So a bit of research is needed here!

The gentleman that owned this clearly used her and loved her as it has a beautiful base to protect the edge...






All in all...a nice find!






I'm getting quite a collection of infills now...not a slope of COURSE!!  :wink: 

Jim


----------



## GazPal (1 Nov 2010)

You've already slid and it's a very nasty habit you're developing my friend. :lol: 

My grandafther used to keep his infill planes (We used to call them iron clads) shod in the same manner for storage. Very nice find and by a very good maker. :wink:


----------



## jimi43 (1 Nov 2010)

HA! Gary...I have stabilisers!!! They are called "short of money" wheels!

I just did a tiny bit of research on Google and found this...from a Tyzack 1908 catalogue...

Link to Tyzack 1908 catalogue page


Looks like Tyzack sold Norris No.245s under their own badge (check out the little mark on the back bottom of the soles...

1892-1905 at 340 Old Street....

I'm happy now!

This is fun!


Jim


----------



## GazPal (1 Nov 2010)

I'd have been happy before finding that out and would be on cloud nine in seventh heaven afterwards. It's now an even better very nice result. :wink: 

I'm going to have to start going to boot fares and pay more close attention to Flea-Bay from now on. I wish I'd never let my cousin "inherit" our grandad's planes now. lol


----------



## Pvt_Ryan (1 Nov 2010)

you have some luck!!


----------



## stoatyboy (1 Nov 2010)

that's it I can control myself no longer - you are a spawney get!

how do you keep coming up with this amazing stuff??
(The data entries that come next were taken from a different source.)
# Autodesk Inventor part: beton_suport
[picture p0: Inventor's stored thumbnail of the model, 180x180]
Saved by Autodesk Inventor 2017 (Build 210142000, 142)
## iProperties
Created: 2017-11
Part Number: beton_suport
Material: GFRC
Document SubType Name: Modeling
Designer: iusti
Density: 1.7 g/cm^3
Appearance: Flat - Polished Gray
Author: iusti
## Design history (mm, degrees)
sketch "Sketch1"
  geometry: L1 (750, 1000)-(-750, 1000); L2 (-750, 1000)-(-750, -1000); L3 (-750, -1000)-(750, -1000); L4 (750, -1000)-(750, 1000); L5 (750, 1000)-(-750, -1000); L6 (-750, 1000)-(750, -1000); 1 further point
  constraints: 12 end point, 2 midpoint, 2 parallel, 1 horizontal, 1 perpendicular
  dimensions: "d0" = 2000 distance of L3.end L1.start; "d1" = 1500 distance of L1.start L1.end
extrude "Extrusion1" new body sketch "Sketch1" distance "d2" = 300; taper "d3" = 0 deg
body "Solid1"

I can only console myself with the wonderful way you bring them back to life - well done


----------



## woodbloke (1 Nov 2010)

jimi43":v6ysfrxk said:


> I just did a tiny bit of research on Google and found this...from a Tyzack 1908 catalogue...
> 
> Link to Tyzack 1908 catalogue page
> 
> ...



Interestingly, I have exactly the same model of the 'Ultimate Reform Plane' (bottom left hand corner) Mine is a little more recent though...cost me £12 from PFT :wink: - Rob


----------



## Richard T (1 Nov 2010)

Very well spotted. How that one missed the ebay collectors I don't know. 
It's nearly as nice as the one I got yesterday (achm) :evil: 
Can't tell quite from the photo but does that lever screw have square - cut thread? Would be the first elderly one I've seen if so.


----------



## LuptonM (1 Nov 2010)

OMFG!!!! Not again....Your making me feel depressed


----------



## AndyT (1 Nov 2010)

Now now Jim, don't you realise that you missed the highly valuable and rare chisels with the unique 'spatter pattern' handles, the mallet with the sought after bifurcated handle, the Roman brick bolster....

Oh all right, you're a jammy sod that we're all jealous of!

Seriously though, well spotted. I'm sure you'll give it a very good home. Just one favour to ask - can you let us all know when you are next going on holiday - as there is no point scouring ebay for any more bargains if you're there as well!


----------



## Ironballs (1 Nov 2010)

I don't think the ebay collectors did miss that one :wink: 

Beware that slope.... you'll be needing a nice cabinet for that collection


----------



## toolsntat (2 Nov 2010)

8) 8) 8) 8) 8) :wink: :roll: 

So did you have the lot or just this little "peach"?
Cos them wing compasses look well worthy of harvesting :lol: 

Andy


----------



## jimi43 (2 Nov 2010)

I am so sorry to have made so many people jealous..... 8) I was as surprised as you all when I read the name on the iron!

I opened the package and the last Jiffy bag and felt inside to see if I was right about an infill...not a woody...I then felt for the lever cap and the screw...then my impatience got the better of me...the Norris London was indeed a shock!

Reading the Tyzack name and then the catalogue was indeed the icing on the cake. I was going to work for eight hours so it has been a real tease sitting here until I could get back and tart it up a bit....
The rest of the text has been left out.